(Exercise instructions): Could you repeat the records below exactly, leaving the pictures out?

Dataset records
<<<<
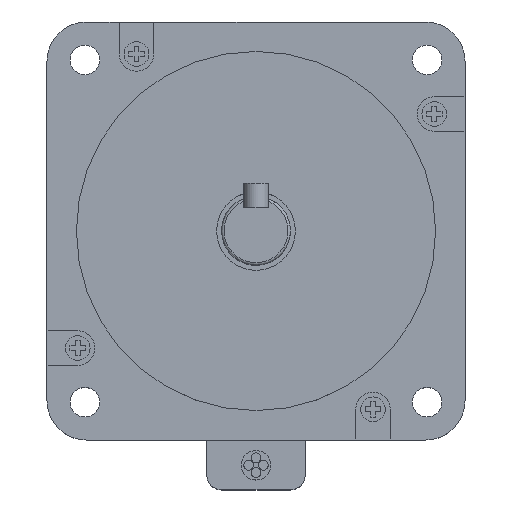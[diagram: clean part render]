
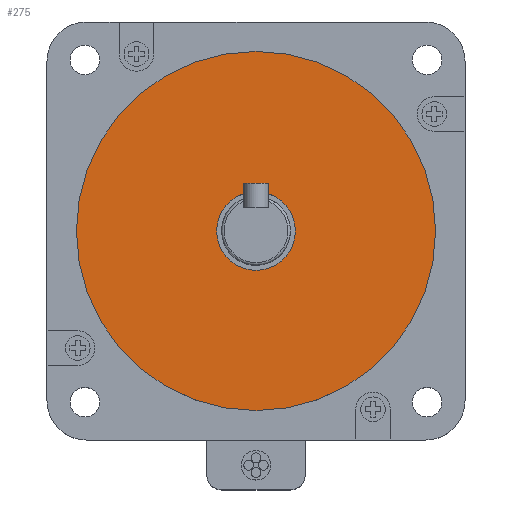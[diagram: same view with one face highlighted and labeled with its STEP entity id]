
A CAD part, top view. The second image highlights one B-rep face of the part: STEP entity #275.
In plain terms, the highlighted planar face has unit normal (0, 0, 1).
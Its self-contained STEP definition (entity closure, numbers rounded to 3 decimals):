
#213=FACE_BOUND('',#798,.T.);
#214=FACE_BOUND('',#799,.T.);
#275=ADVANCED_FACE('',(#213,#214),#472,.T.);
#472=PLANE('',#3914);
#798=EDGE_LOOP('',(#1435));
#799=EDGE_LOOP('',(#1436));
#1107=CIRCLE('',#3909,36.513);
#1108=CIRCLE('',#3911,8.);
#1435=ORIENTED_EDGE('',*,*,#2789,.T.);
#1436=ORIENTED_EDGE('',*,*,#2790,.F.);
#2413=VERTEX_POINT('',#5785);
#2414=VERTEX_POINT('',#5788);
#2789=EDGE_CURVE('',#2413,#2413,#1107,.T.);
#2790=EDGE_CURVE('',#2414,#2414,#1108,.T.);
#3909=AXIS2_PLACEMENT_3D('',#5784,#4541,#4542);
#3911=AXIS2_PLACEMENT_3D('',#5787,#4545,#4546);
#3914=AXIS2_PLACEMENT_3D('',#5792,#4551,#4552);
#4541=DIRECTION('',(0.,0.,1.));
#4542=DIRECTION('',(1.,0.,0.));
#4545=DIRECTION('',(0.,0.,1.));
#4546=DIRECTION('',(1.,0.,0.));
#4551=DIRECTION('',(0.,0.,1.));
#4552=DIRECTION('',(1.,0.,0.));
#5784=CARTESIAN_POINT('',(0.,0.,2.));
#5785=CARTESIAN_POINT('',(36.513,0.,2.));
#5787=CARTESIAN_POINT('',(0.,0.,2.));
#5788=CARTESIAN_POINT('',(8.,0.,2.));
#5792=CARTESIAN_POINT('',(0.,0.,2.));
>>>>
(Output for this task):
[diagram: clean part render]
[diagram: same view with one face highlighted and labeled with its STEP entity id]
A CAD part, top view. The second image highlights one B-rep face of the part: STEP entity #275.
In plain terms, the highlighted planar face has unit normal (0, 0, 1).
Its self-contained STEP definition (entity closure, numbers rounded to 3 decimals):
#213=FACE_BOUND('',#798,.T.);
#214=FACE_BOUND('',#799,.T.);
#275=ADVANCED_FACE('',(#213,#214),#472,.T.);
#472=PLANE('',#3914);
#798=EDGE_LOOP('',(#1435));
#799=EDGE_LOOP('',(#1436));
#1107=CIRCLE('',#3909,36.513);
#1108=CIRCLE('',#3911,8.);
#1435=ORIENTED_EDGE('',*,*,#2789,.T.);
#1436=ORIENTED_EDGE('',*,*,#2790,.F.);
#2413=VERTEX_POINT('',#5785);
#2414=VERTEX_POINT('',#5788);
#2789=EDGE_CURVE('',#2413,#2413,#1107,.T.);
#2790=EDGE_CURVE('',#2414,#2414,#1108,.T.);
#3909=AXIS2_PLACEMENT_3D('',#5784,#4541,#4542);
#3911=AXIS2_PLACEMENT_3D('',#5787,#4545,#4546);
#3914=AXIS2_PLACEMENT_3D('',#5792,#4551,#4552);
#4541=DIRECTION('',(0.,0.,1.));
#4542=DIRECTION('',(1.,0.,0.));
#4545=DIRECTION('',(0.,0.,1.));
#4546=DIRECTION('',(1.,0.,0.));
#4551=DIRECTION('',(0.,0.,1.));
#4552=DIRECTION('',(1.,0.,0.));
#5784=CARTESIAN_POINT('',(0.,0.,2.));
#5785=CARTESIAN_POINT('',(36.513,0.,2.));
#5787=CARTESIAN_POINT('',(0.,0.,2.));
#5788=CARTESIAN_POINT('',(8.,0.,2.));
#5792=CARTESIAN_POINT('',(0.,0.,2.));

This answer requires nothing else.